In this context, a debt relief plan would bring additional profits, but these would not come as automatically and would not be as significant as one might think at first glance. There are also some risks that the proposal will not work as expected.

Indeed, as the OFCE researchers point out, depending on how debt relief is organized and communicated, all kinds of irrational behaviors could jeopardize the plan. The fear and lack of confidence of private investors that they might be next in line after central bank debt relief is over is just one example. Similarly, (irrational) fears of inflation could lead investors to demand higher returns. In this case, the immediate decrease in debt would be offset by an increase in the cost of borrowing to reissue debt.

Proponents of the ECB's debt cancellation are aware of this reality, but fear that the favorable borrowing conditions will not last forever. If central banks start raising interest rates, it would bring austerity back in full swing. While you are right to point out this potential risk, it would still be a missed opportunity not to take advantage of current negative interest rates to invest in long-term investments. Doing so now would, in fact, increase the chances of success in putting our economy on a sustainable growth path, which could indeed make debt relief unnecessary.

A better strategy

Positive Money Europe certainly wants to be at the forefront of new radical ideas, especially on how the ECB can better use its money-creating power to support society's interests. We share the same goal as those in favor of debt relief: we must ensure that Europe does not fall back into the self-destructive austerity ideology that almost killed the euro area in 2010.

The debt relief campaign has made a positive contribution to raising public awareness of the powerful role the ECB can play in this endeavor. But much more work is needed to change the public perception of public debt - starting with revising fiscal rules and debunking the belief that governments are like households (- they are not).

For a campaign organization like Positive Money Europe, it is crucial that we always find the best way to achieve concrete change while making the best possible use of the limited resources we have.

The central question is: if progressive forces today had the bargaining power to revise the EU treaty, should debt relief be our first priority?

Our conclusion is clear. Instead of a one-off debt cancellation, we would rather fight for permanent, long-term changes, such as a complete revision of the ECB statutes, including a revision of the ban on monetary financing and a complete overhaul of the EU's fiscal rules. A debt relief from the ECB would be the icing on the cake.

We don't shy away from proposals that require a treaty change. As we have said in the past, we believe that a treaty change will inevitably be on the table in the years to come and the Positive Money Europe team is working hard to build a powerful movement capable of making such a change bring about in the long term. However, all our hopes cannot rest on this distant and hypothetical possibility.

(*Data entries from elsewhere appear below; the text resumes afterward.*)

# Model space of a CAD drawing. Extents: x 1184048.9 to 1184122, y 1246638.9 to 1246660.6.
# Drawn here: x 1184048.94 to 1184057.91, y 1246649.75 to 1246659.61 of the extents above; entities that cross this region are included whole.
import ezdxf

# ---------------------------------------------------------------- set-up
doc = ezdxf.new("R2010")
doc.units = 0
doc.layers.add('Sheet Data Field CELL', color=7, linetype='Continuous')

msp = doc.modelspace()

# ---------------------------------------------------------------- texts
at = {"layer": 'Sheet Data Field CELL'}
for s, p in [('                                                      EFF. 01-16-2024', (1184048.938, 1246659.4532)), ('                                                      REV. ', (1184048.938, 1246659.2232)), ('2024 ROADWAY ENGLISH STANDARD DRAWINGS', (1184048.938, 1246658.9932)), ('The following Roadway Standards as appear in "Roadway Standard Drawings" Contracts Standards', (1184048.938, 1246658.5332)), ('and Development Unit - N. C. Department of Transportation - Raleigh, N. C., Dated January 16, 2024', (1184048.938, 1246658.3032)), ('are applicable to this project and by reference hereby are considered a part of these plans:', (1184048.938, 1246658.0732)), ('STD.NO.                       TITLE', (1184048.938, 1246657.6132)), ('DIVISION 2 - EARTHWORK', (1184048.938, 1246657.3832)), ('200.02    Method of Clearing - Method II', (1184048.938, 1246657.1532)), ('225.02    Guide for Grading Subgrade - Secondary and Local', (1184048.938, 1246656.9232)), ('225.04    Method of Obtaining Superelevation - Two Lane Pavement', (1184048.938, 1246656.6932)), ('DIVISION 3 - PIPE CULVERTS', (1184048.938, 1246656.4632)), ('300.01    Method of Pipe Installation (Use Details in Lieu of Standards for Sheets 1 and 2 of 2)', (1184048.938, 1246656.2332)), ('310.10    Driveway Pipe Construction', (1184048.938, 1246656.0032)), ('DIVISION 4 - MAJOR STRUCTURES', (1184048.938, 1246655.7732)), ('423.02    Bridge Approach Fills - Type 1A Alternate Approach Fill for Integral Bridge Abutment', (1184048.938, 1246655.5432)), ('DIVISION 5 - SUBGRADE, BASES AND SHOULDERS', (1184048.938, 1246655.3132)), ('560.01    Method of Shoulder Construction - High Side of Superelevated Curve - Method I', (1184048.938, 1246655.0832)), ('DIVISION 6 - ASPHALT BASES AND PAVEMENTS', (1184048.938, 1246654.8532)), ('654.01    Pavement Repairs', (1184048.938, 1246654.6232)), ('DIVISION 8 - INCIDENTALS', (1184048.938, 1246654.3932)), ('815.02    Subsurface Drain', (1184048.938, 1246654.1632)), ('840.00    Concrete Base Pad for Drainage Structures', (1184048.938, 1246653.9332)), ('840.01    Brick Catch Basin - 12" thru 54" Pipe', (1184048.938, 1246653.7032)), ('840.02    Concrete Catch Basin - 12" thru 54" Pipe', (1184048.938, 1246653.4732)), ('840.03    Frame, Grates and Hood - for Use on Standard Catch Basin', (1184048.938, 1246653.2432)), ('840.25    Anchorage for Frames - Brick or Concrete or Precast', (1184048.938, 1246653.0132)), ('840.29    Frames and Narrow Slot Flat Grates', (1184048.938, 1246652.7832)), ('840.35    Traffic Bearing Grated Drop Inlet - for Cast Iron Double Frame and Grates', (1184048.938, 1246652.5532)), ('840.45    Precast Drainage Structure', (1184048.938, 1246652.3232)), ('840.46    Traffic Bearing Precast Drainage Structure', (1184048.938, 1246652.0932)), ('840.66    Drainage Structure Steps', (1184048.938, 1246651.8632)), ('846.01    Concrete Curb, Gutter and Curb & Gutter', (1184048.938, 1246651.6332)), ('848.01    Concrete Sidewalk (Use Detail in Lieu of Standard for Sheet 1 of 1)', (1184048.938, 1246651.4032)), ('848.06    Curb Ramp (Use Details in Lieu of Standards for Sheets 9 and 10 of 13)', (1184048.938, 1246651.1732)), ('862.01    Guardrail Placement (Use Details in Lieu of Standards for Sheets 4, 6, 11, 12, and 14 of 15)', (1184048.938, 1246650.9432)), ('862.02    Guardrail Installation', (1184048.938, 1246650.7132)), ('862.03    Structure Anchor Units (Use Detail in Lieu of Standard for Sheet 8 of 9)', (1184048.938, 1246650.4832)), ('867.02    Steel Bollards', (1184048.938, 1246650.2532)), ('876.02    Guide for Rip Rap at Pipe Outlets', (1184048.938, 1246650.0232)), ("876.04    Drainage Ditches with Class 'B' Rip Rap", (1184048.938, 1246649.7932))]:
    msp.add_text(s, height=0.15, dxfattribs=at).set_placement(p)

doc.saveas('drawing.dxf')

All in all, the proposal to cancel the debt held by the central banks makes sense from a technical point of view and should certainly be discussed further. Should Europe fail to achieve a strong and fair recovery after the Covid crisis, the proposal would certainly be a useful political option as a “last resort”. But our strategic analysis shows that the effort required to do this would be very high, while the potential gains are uncertain and smaller than one might initially think. Because of this, debt relief may not be our “first” priority for now.

There are other, more effective ways to implement progressive macroeconomic policies in the euro area. Therefore, Positive Money Europe's efforts are currently focused on key issues such as aligning the ECB's monetary policy with the EU's climate targets and creating political support for “helicopter money”. For next year we hope to be able to start new campaigns to combat over-indebtedness of small and medium-sized businesses and households, and to increase the momentum for a progressive fiscal framework. If we stay focused and let our movement grow, we have a real chance of realizing victories in the next few months.